▶ Provided data

● ● ● ● ● ● ●

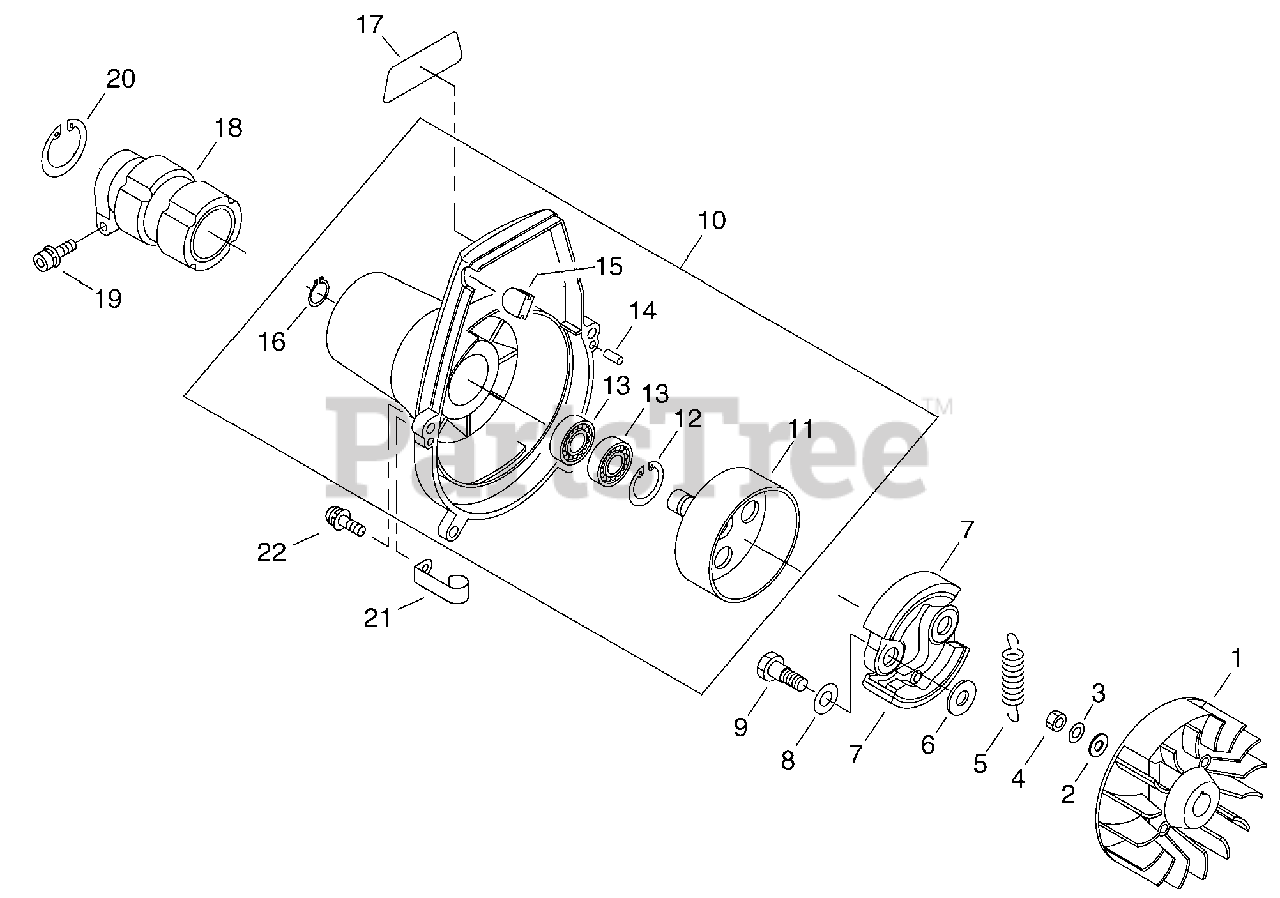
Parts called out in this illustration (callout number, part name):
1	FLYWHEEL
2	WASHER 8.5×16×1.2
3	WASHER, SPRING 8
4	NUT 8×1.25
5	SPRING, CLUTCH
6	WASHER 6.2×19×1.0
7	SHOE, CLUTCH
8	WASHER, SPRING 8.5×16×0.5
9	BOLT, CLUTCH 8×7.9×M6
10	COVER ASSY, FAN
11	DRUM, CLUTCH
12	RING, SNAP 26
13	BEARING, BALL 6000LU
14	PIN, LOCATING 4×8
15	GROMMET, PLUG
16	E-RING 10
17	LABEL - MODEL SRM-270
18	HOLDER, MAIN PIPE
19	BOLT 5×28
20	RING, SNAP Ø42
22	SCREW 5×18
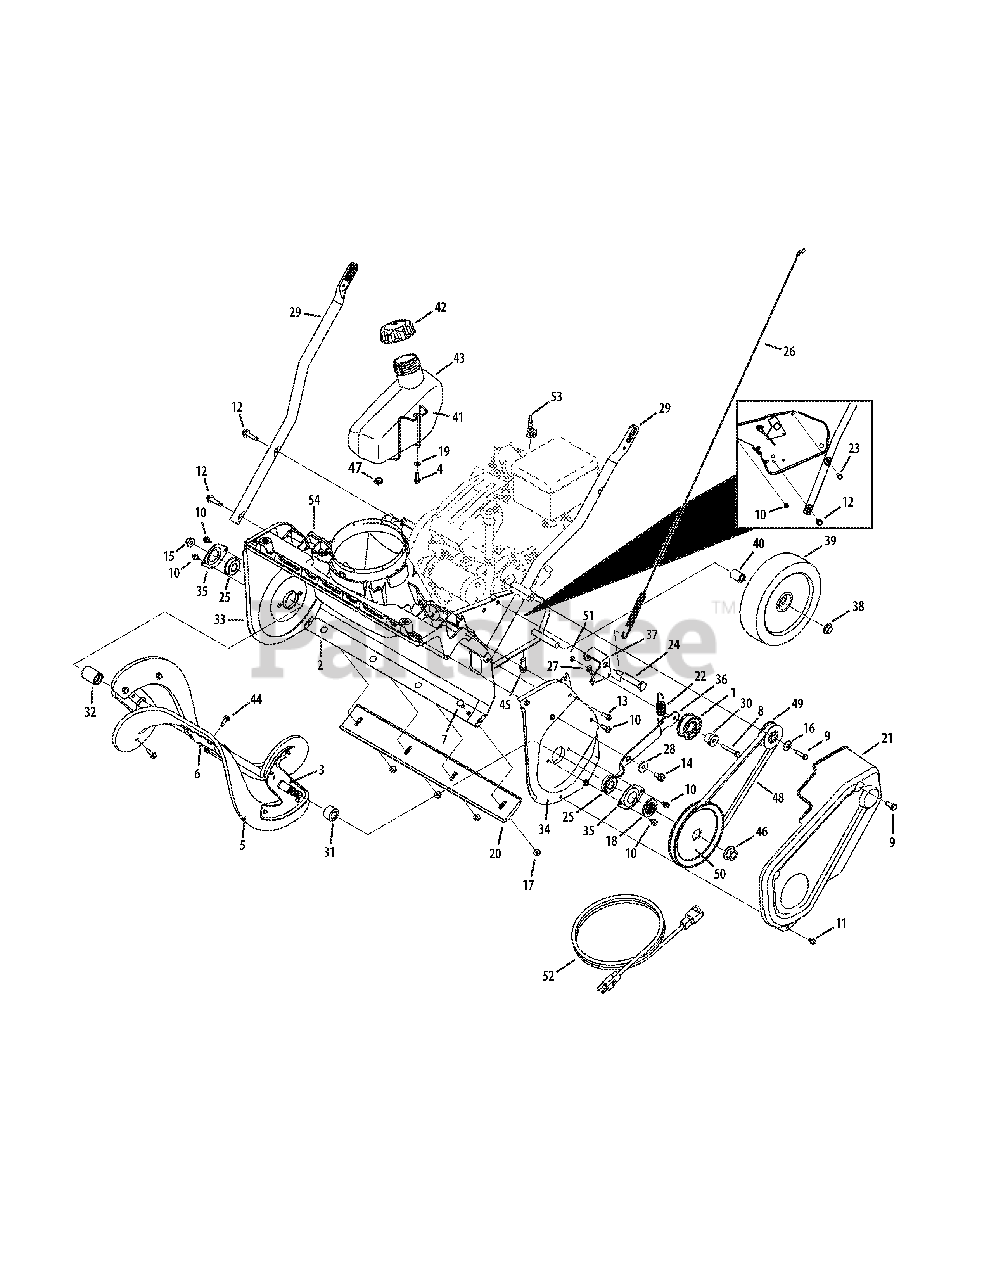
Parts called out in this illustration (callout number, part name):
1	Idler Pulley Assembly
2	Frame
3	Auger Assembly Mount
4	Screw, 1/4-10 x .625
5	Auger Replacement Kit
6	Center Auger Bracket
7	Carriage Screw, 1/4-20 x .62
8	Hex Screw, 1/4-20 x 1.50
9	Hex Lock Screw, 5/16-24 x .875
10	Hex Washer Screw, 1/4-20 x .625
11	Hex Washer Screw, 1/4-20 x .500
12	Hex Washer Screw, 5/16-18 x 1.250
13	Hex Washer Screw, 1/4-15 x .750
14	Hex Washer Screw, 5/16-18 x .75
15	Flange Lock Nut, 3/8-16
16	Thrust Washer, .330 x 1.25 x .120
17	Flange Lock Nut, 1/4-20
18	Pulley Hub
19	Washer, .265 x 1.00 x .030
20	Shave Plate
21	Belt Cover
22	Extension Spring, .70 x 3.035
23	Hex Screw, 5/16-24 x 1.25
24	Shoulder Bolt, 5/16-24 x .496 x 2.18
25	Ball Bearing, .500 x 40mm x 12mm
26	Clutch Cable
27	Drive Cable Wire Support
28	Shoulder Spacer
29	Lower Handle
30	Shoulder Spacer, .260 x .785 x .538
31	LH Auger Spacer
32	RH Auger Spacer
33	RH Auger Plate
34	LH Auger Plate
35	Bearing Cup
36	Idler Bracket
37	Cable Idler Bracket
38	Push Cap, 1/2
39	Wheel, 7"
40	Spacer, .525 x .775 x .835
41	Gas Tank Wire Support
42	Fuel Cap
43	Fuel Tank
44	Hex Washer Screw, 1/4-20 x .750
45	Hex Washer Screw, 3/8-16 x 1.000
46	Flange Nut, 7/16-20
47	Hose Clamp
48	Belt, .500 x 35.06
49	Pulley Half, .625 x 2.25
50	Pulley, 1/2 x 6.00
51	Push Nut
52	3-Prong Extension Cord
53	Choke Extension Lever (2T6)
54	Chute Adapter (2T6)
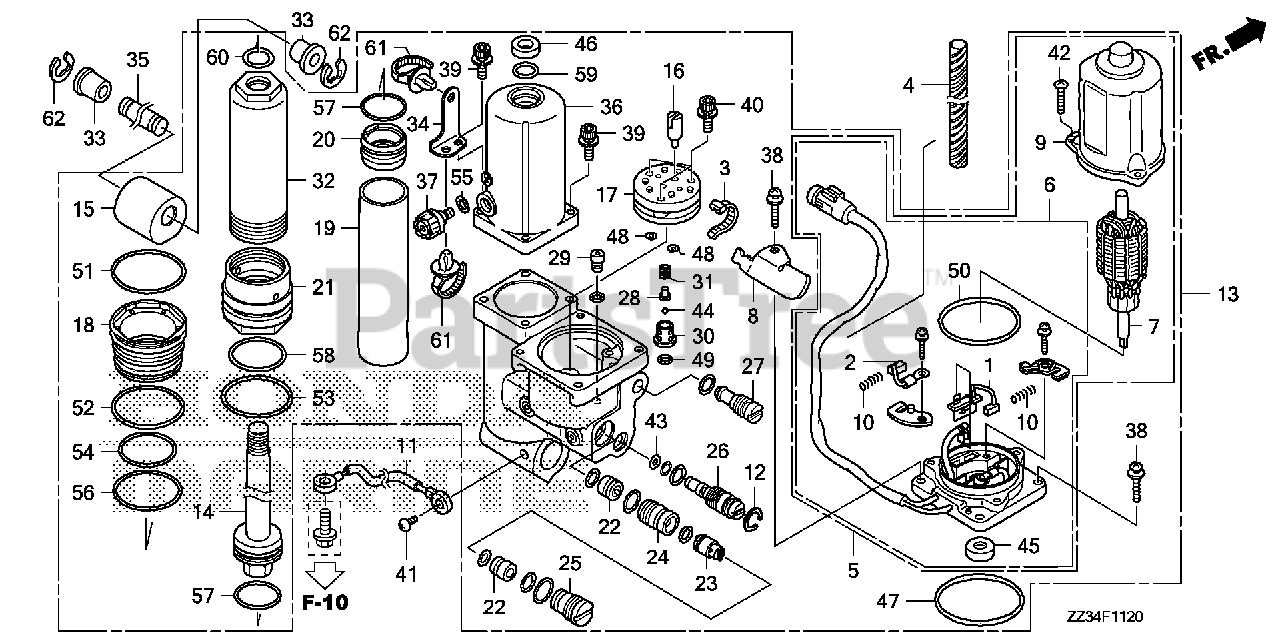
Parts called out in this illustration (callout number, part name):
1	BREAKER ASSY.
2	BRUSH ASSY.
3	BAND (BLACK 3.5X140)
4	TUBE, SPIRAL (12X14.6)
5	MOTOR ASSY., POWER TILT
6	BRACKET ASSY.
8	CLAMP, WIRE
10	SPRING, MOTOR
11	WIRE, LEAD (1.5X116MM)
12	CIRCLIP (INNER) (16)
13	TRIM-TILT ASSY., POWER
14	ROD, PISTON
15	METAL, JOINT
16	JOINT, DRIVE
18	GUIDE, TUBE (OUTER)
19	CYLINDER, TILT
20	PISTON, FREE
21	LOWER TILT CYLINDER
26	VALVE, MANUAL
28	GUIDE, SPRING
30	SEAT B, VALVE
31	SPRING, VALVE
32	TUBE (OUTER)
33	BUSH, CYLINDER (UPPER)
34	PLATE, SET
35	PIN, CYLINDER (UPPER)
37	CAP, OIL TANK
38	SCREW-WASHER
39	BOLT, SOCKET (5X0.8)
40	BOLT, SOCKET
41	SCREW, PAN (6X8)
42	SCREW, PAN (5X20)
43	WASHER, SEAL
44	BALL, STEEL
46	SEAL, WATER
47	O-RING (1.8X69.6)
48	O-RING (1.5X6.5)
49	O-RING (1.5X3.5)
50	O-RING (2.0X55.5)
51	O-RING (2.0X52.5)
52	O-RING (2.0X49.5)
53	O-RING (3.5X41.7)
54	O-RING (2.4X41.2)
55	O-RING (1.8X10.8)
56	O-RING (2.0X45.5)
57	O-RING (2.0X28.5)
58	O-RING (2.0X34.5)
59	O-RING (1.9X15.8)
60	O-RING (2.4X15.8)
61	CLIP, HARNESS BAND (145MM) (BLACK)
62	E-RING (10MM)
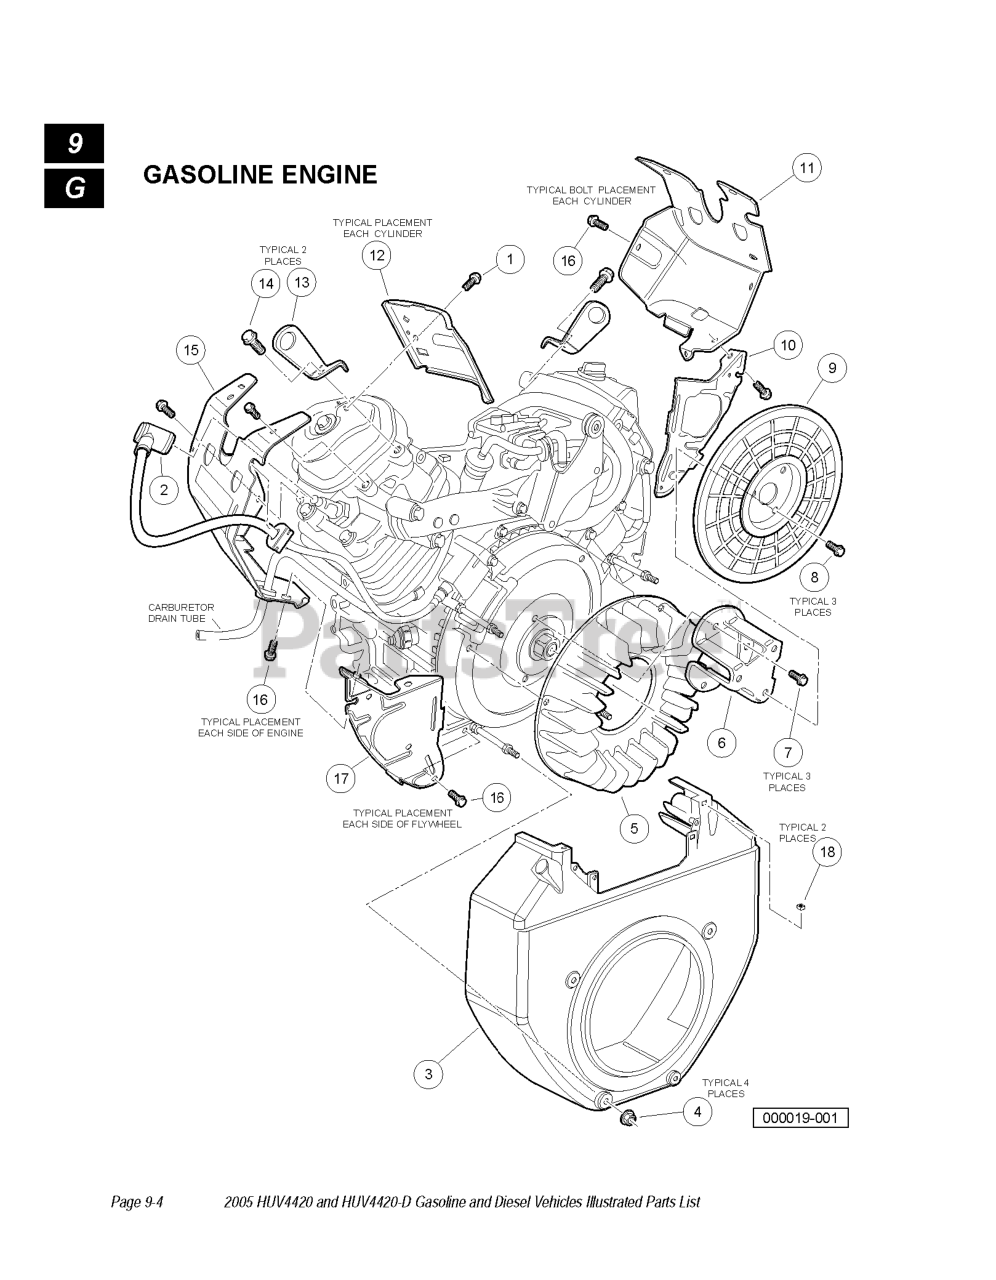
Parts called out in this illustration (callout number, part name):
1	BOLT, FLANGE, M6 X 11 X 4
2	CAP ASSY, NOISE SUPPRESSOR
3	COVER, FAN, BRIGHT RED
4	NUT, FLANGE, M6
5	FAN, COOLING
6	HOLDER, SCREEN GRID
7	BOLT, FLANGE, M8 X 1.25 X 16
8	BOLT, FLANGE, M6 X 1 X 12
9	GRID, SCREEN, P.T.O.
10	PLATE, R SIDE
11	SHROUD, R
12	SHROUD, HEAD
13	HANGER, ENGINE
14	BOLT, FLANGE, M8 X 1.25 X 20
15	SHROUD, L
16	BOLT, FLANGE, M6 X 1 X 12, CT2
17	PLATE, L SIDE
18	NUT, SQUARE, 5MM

● ● ● ● ● ● ●

▶ What you need to do
Repeat the records word for word and drop any pictures.

▶ Worked solution
Parts called out in this illustration (callout number, part name):
1	FLYWHEEL
2	WASHER 8.5×16×1.2
3	WASHER, SPRING 8
4	NUT 8×1.25
5	SPRING, CLUTCH
6	WASHER 6.2×19×1.0
7	SHOE, CLUTCH
8	WASHER, SPRING 8.5×16×0.5
9	BOLT, CLUTCH 8×7.9×M6
10	COVER ASSY, FAN
11	DRUM, CLUTCH
12	RING, SNAP 26
13	BEARING, BALL 6000LU
14	PIN, LOCATING 4×8
15	GROMMET, PLUG
16	E-RING 10
17	LABEL - MODEL SRM-270
18	HOLDER, MAIN PIPE
19	BOLT 5×28
20	RING, SNAP Ø42
22	SCREW 5×18
Parts called out in this illustration (callout number, part name):
1	Idler Pulley Assembly
2	Frame
3	Auger Assembly Mount
4	Screw, 1/4-10 x .625
5	Auger Replacement Kit
6	Center Auger Bracket
7	Carriage Screw, 1/4-20 x .62
8	Hex Screw, 1/4-20 x 1.50
9	Hex Lock Screw, 5/16-24 x .875
10	Hex Washer Screw, 1/4-20 x .625
11	Hex Washer Screw, 1/4-20 x .500
12	Hex Washer Screw, 5/16-18 x 1.250
13	Hex Washer Screw, 1/4-15 x .750
14	Hex Washer Screw, 5/16-18 x .75
15	Flange Lock Nut, 3/8-16
16	Thrust Washer, .330 x 1.25 x .120
17	Flange Lock Nut, 1/4-20
18	Pulley Hub
19	Washer, .265 x 1.00 x .030
20	Shave Plate
21	Belt Cover
22	Extension Spring, .70 x 3.035
23	Hex Screw, 5/16-24 x 1.25
24	Shoulder Bolt, 5/16-24 x .496 x 2.18
25	Ball Bearing, .500 x 40mm x 12mm
26	Clutch Cable
27	Drive Cable Wire Support
28	Shoulder Spacer
29	Lower Handle
30	Shoulder Spacer, .260 x .785 x .538
31	LH Auger Spacer
32	RH Auger Spacer
33	RH Auger Plate
34	LH Auger Plate
35	Bearing Cup
36	Idler Bracket
37	Cable Idler Bracket
38	Push Cap, 1/2
39	Wheel, 7"
40	Spacer, .525 x .775 x .835
41	Gas Tank Wire Support
42	Fuel Cap
43	Fuel Tank
44	Hex Washer Screw, 1/4-20 x .750
45	Hex Washer Screw, 3/8-16 x 1.000
46	Flange Nut, 7/16-20
47	Hose Clamp
48	Belt, .500 x 35.06
49	Pulley Half, .625 x 2.25
50	Pulley, 1/2 x 6.00
51	Push Nut
52	3-Prong Extension Cord
53	Choke Extension Lever (2T6)
54	Chute Adapter (2T6)
Parts called out in this illustration (callout number, part name):
1	BREAKER ASSY.
2	BRUSH ASSY.
3	BAND (BLACK 3.5X140)
4	TUBE, SPIRAL (12X14.6)
5	MOTOR ASSY., POWER TILT
6	BRACKET ASSY.
8	CLAMP, WIRE
10	SPRING, MOTOR
11	WIRE, LEAD (1.5X116MM)
12	CIRCLIP (INNER) (16)
13	TRIM-TILT ASSY., POWER
14	ROD, PISTON
15	METAL, JOINT
16	JOINT, DRIVE
18	GUIDE, TUBE (OUTER)
19	CYLINDER, TILT
20	PISTON, FREE
21	LOWER TILT CYLINDER
26	VALVE, MANUAL
28	GUIDE, SPRING
30	SEAT B, VALVE
31	SPRING, VALVE
32	TUBE (OUTER)
33	BUSH, CYLINDER (UPPER)
34	PLATE, SET
35	PIN, CYLINDER (UPPER)
37	CAP, OIL TANK
38	SCREW-WASHER
39	BOLT, SOCKET (5X0.8)
40	BOLT, SOCKET
41	SCREW, PAN (6X8)
42	SCREW, PAN (5X20)
43	WASHER, SEAL
44	BALL, STEEL
46	SEAL, WATER
47	O-RING (1.8X69.6)
48	O-RING (1.5X6.5)
49	O-RING (1.5X3.5)
50	O-RING (2.0X55.5)
51	O-RING (2.0X52.5)
52	O-RING (2.0X49.5)
53	O-RING (3.5X41.7)
54	O-RING (2.4X41.2)
55	O-RING (1.8X10.8)
56	O-RING (2.0X45.5)
57	O-RING (2.0X28.5)
58	O-RING (2.0X34.5)
59	O-RING (1.9X15.8)
60	O-RING (2.4X15.8)
61	CLIP, HARNESS BAND (145MM) (BLACK)
62	E-RING (10MM)
Parts called out in this illustration (callout number, part name):
1	BOLT, FLANGE, M6 X 11 X 4
2	CAP ASSY, NOISE SUPPRESSOR
3	COVER, FAN, BRIGHT RED
4	NUT, FLANGE, M6
5	FAN, COOLING
6	HOLDER, SCREEN GRID
7	BOLT, FLANGE, M8 X 1.25 X 16
8	BOLT, FLANGE, M6 X 1 X 12
9	GRID, SCREEN, P.T.O.
10	PLATE, R SIDE
11	SHROUD, R
12	SHROUD, HEAD
13	HANGER, ENGINE
14	BOLT, FLANGE, M8 X 1.25 X 20
15	SHROUD, L
16	BOLT, FLANGE, M6 X 1 X 12, CT2
17	PLATE, L SIDE
18	NUT, SQUARE, 5MM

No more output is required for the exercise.